Supplied material section start

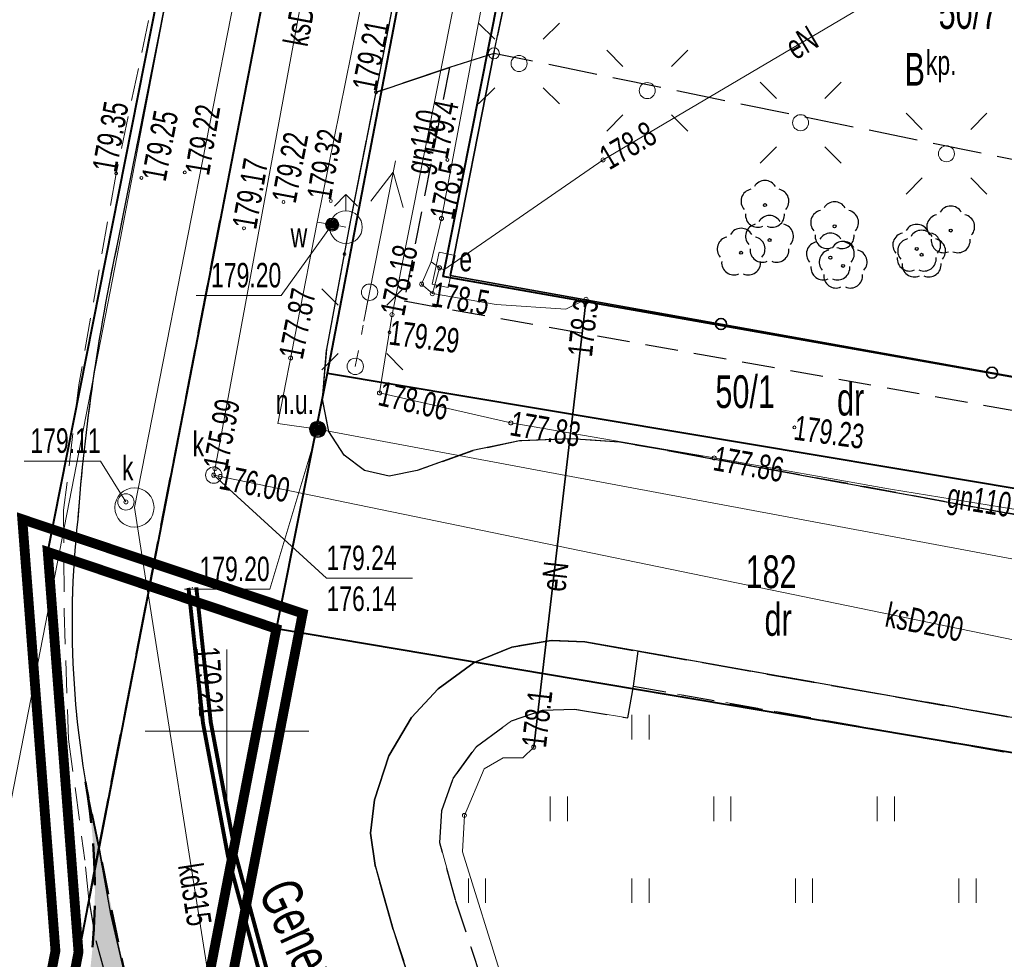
# Model space of a CAD drawing. Header units: metres. Extents: x 7429064 to 7431133, y 5709479 to 5714472.
# Tile 132 of 140: x 7429844 to 7429874, y 5710193 to 5710222. Entities that reach past the tile are written whole.
import ezdxf
from ezdxf.enums import TextEntityAlignment as Align

# ---------------------------------------------------------------- set-up
doc = ezdxf.new("R2010")
doc.units = ezdxf.units.M
for name, pattern in [('1', [0]), ('12', [3, 1, -1, 0, -1]), ('2_1', [0]), ('2_KTCR02', [1.5, 1, -0.5]), ('2_KTJZ01', [2, 1.5, -0.5]), ('2_KTKR01', [0]), ('2_KTPL01', [2, 1.5, -0.5]), ('2_PTTU', [1.5, 1, -0.5]), ('3_14', [1, -1]), ('3_KTCR02', [1.5, 1, -0.5]), ('3_KTJZ01', [2, 1.5, -0.5]), ('3_KTKR01', [0]), ('3_KTPL01', [2, 1.5, -0.5]), ('3_PTTU', [1.5, 1, -0.5]), ('4', [2.5, 1.5, -1]), ('4_KTCR02', [1.5, 1, -0.5]), ('4_KTJZ01', [2, 1.5, -0.5]), ('4_KTKR01', [0]), ('4_SUOP03_13', [0]), ('4_SUPE_01', [0]), ('4_SUPG_01', [0]), ('4_SUPK_01', [0]), ('4_SUPW_01', [0]), ('7_1', [0]), ('7_SUOP03_03', [0]), ('7_SUPE_01', [0]), ('7_SUPG_01', [0]), ('7_SUPK_01', [0]), ('7_SUPW_01', [0]), ('7_SUSM03_02', [0]), ('8_1', [0]), ('8_SUBP02_05', [0]), ('8_SUPE_01', [0]), ('8_SUPK_01', [0]), ('DASHED', [19.05, 12.7, -6.35]), ('HIDDEN', [0.375, 0.25, -0.125])]:
    doc.linetypes.add(name, pattern=pattern)
for name, color, linetype in [('_1_Mapa', 7, 'Continuous'), ('_1_X-REFY', 7, 'Continuous'), ('zzz.gaHSDomyslna', 7, 'Continuous')]:
    doc.layers.add(name, color=color, linetype=linetype)
for name, color, linetype, lineweight, true_color in [('_D_7_CZASOWE ZAJĘCIE_PRZEBUDOWA SIECI', 7, 'HIDDEN', 50, 0xd16900), ('DZIALKA_L_0', 7, '1', 40, 0x008000), ('DZIALKA_T_0', 7, 'Continuous', 40, 0x008000), ('HECZ DROGI ROWEROWE', 7, 'Continuous', 13, 0xff8a8a), ('UZYTKI_L_0', 7, '4', 30, 0x008000), ('UZYTKI_T_0', 7, 'Continuous', 18, 0x008000)]:
    doc.layers.add(name, color=color, linetype=linetype, lineweight=lineweight, true_color=true_color)
for name, color, linetype, lineweight in [('_D_7_TEREN NIEZBEDNY DLA OB_BUD', 252, 'HIDDEN', 50), ('_D_8_Wymiary', 7, 'Continuous', 20), ('D_1_LINIA_KRAWĘŻNIK_BET_20_30 WYN 0-2 CM', 5, 'HIDDEN', 40), ('gaPoziome', 7, 'Continuous', 30), ('GMINA_L_0', 252, '12', 35), ('KRAWĘŻNIK BETONOWY 12_25 WYN 0 CM', 250, 'DASHED', 50), ('KRZYZE_L_0', 252, '1', 18), ('KTCR_L_1', 252, '2_KTCR02', 30), ('KTCR_L_1_a', 252, '4_KTCR02', 18), ('KTJZ_L_0', 252, '2_KTJZ01', 30), ('KTJZ_L_0_a', 252, '4_KTJZ01', 18), ('KTKR_L_0', 252, '2_KTKR01', 30), ('KTKR_L_0_a', 252, '4_KTKR01', 25), ('KTOK_L_1', 252, '2_1', 18), ('KTOK_L_4', 252, 'Continuous', 35), ('KTPL_E_T_0', 252, 'Continuous', 15), ('KTPL_L_0', 252, '2_KTPL01', 30), ('KTUL_E_T_0', 252, 'Continuous', 25), ('OBOP_T_1', 82, 'Continuous', 30), ('PTTU_L_2', 252, '2_PTTU', 18), ('RTPW_T_0', 252, 'Continuous', 15), ('RTPW_T_1', 252, 'Continuous', 15), ('RTPW_T_1_a', 252, 'Continuous', 15), ('SUBK_L_0_a', 252, '8_SUBP02_05', 18), ('SUOE_L_1', 252, '4_SUOP03_13', 35), ('SUPE_E_T_3', 252, 'Continuous', 15), ('SUPE_L_1_a', 252, '8_SUPE_01', 18), ('SUPE_L_3', 252, '4_SUPE_01', 18), ('SUPG_E_T_3', 252, 'Continuous', 15), ('SUPG_L_3', 252, '4_SUPG_01', 18), ('SUPK_E_T_0', 252, 'Continuous', 15), ('SUPK_E_T_4', 252, 'Continuous', 15), ('SUPK_L_0', 252, '4_SUPK_01', 18), ('SUPK_L_0_a', 252, '8_SUPK_01', 18), ('SUPK_L_4', 252, '4_SUPK_01', 18), ('SUPW_L_0', 252, '4_SUPW_01', 18), ('SUSM_L_4', 252, 'Continuous', 18), ('SUSM_T_0', 252, 'Continuous', 18), ('SUTE_T_0', 252, 'Continuous', 18), ('SUTG_T_0', 252, 'Continuous', 18), ('SUTK_T_0', 252, 'Continuous', 18), ('SUTK_T_0_a', 252, 'Continuous', 18), ('SUTW_T_0', 252, 'Continuous', 18), ('SUUE_E_T_2', 252, 'Continuous', 15), ('SUUE_T_3', 252, 'Continuous', 18), ('SUUK_E_T_3_a', 252, 'Continuous', 15), ('SUUK_E_T_9', 252, 'Continuous', 15), ('SUUK_T_2', 252, 'Continuous', 18), ('SUUK_T_4_a', 252, 'Continuous', 18), ('SUUW_E_T_5', 252, 'Continuous', 15), ('SUUW_E_T_7', 252, 'Continuous', 15), ('SUUW_T_0', 252, 'Continuous', 18), ('SUUW_T_10', 252, 'Continuous', 18), ('SUUW_T_7', 252, 'Continuous', 18)]:
    doc.layers.add(name, color=color, linetype=linetype, lineweight=lineweight)
doc.styles.add('Styl Arial', font='arial.ttf', dxfattribs={"width": 0.8, "height": 0.9})
doc.dimstyles.new('1_500', dxfattribs={"dimtxt": 0.9, "dimasz": 1, "dimexe": 0.18, "dimexo": 0, "dimgap": 0.2, "dimtad": 4, "dimzin": 0, "dimdsep": 46, "dimtxsty": 'Styl Arial', "dimcen": 0.25, "dimclrd": 256, "dimclre": 256, "dimclrt": 256, "dimazin": 0, "dimtfac": 1, "dimtix": 1, "dimtmove": 1, "dimatfit": 3, "dimfxl": 0.18, "dimtolj": 1, "dimtzin": 0, "dimlwd": -1, "dimlwe": -1, "dimarcsym": 0})

# ---------------------------------------------------------------- blocks, each defined once
blk = doc.blocks.new('*D90')
at = {"layer": '_D_8_Wymiary', "transparency": 16777216}
blk.add_line((7429841.495, 5710192.923), (7429845.275, 5710192.397), dxfattribs=at)
blk.add_solid([(7429845.286, 5710192.48), (7429845.263, 5710192.315), (7429845.77, 5710192.329)], dxfattribs=at)
at = {"layer": 'Defpoints', "color": 0, "transparency": 16777216}
for p in [(7429825.96, 5710195.082), (7429845.77, 5710192.329)]:
    blk.add_point(p, dxfattribs=at)
at = {"layer": '_D_8_Wymiary', "transparency": 16777216, "insert": (7429843.06, 5710192.14), "char_height": 0.9, "attachment_point": 5, "rotation": 172.0856, "style": 'Styl Arial'}
blk.add_mtext('\\A1;R20.00', dxfattribs=at)
blk = doc.blocks.new('3_OBOP02_01')
at = {"linetype": 'Continuous'}
blk.add_circle((0, 0), 0.045, dxfattribs=at)
for centre, start, end in [((0, 0.375), 30.1401, 149.8599), ((-0.357, 0.116), 102.1445, 221.86), ((0.357, 0.116), 318.14, 77.8555), ((-0.22, -0.303), 174.1482, 293.8542), ((0.22, -0.303), 246.1458, 5.8518)]:
    blk.add_arc(centre, 0.375, start, end, dxfattribs=at)
blk = doc.blocks.new('3_PTTU04')
at = {"linetype": 'Continuous'}
for p, q in [((-0.2625, -0.375), (-0.2625, 0.375)), ((0.2625, -0.375), (0.2625, 0.375))]:
    blk.add_line(p, q, dxfattribs=at)
blk = doc.blocks.new('3_RTPW01')
at = {"linetype": 'Continuous'}
blk.add_circle((0, 0), 0.045, dxfattribs=at)
blk = doc.blocks.new('3_RTPW02')
at = {"linetype": 'Continuous'}
blk.add_circle((0, 0), 0.045, dxfattribs=at)
blk = doc.blocks.new('4_RTPW02')
at = {"linetype": 'Continuous'}
blk.add_circle((0, 0), 0.045, dxfattribs=at)
blk = doc.blocks.new('7_SUSM01_01')
at = {"linetype": 'Continuous'}
for p, q in [((-0.742, 0.742), (-1.237, 1.237)), ((0.742, 0.742), (1.237, 1.237)), ((-0.742, -0.742), (-1.237, -1.237)), ((0.742, -0.742), (1.237, -1.237))]:
    blk.add_line(p, q, dxfattribs=at)
blk = doc.blocks.new('7_SUSM01')
at = {"linetype": 'Continuous'}
for p, q in [((-0.742, 0.742), (-1.237, 1.237)), ((0.742, 0.742), (1.237, 1.237)), ((-0.742, -0.742), (-1.237, -1.237)), ((0.742, -0.742), (1.237, -1.237))]:
    blk.add_line(p, q, dxfattribs=at)
blk.add_circle((0, 0), 0.245, dxfattribs=at)
blk = doc.blocks.new('7_SUPS01_03')
at = {"linetype": 'Continuous'}
blk.add_circle((0, 0), 0.0625, dxfattribs=at)
blk = doc.blocks.new('7_SUPS01_04')
at = {"linetype": 'Continuous'}
blk.add_circle((0, 0), 0.0625, dxfattribs=at)
blk = doc.blocks.new('7_SUPS01_05')
at = {"linetype": 'Continuous'}
blk.add_circle((0, 0), 0.0625, dxfattribs=at)
blk = doc.blocks.new('7_SUPS01_08')
at = {"linetype": 'Continuous'}
blk.add_circle((0, 0), 0.0625, dxfattribs=at)
blk = doc.blocks.new('7_SUUS18_01')
at = {"linetype": 'Continuous'}
for p, q in [((0.5, 0.25), (-0.5, 0.25)), ((-0.5, 0.25), (-0.5, -0.25)), ((0.5, -0.25), (0.5, 0.25)), ((-0.5, -0.25), (0.5, -0.25))]:
    blk.add_line(p, q, dxfattribs=at)
blk = doc.blocks.new('7_SUUS15_05')
at = {"linetype": 'Continuous'}
blk.add_circle((0, 0), 0.25, dxfattribs=at)
blk = doc.blocks.new('7_SUUS30_01')
at = {"linetype": 'Continuous'}
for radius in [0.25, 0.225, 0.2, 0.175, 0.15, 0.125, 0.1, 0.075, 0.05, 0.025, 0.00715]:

Supplied material section end

■ **Task details**
Could you copy, exactly and with no pictures, each line from the first one above to the line holding "doc.units = ezdxf.units.M"?

■ **Reply**
# Model space of a CAD drawing. Header units: metres. Extents: x 7429064 to 7431133, y 5709479 to 5714472.
# Tile 132 of 140: x 7429844 to 7429874, y 5710193 to 5710222. Entities that reach past the tile are written whole.
import ezdxf
from ezdxf.enums import TextEntityAlignment as Align

# ---------------------------------------------------------------- set-up
doc = ezdxf.new("R2010")
doc.units = ezdxf.units.M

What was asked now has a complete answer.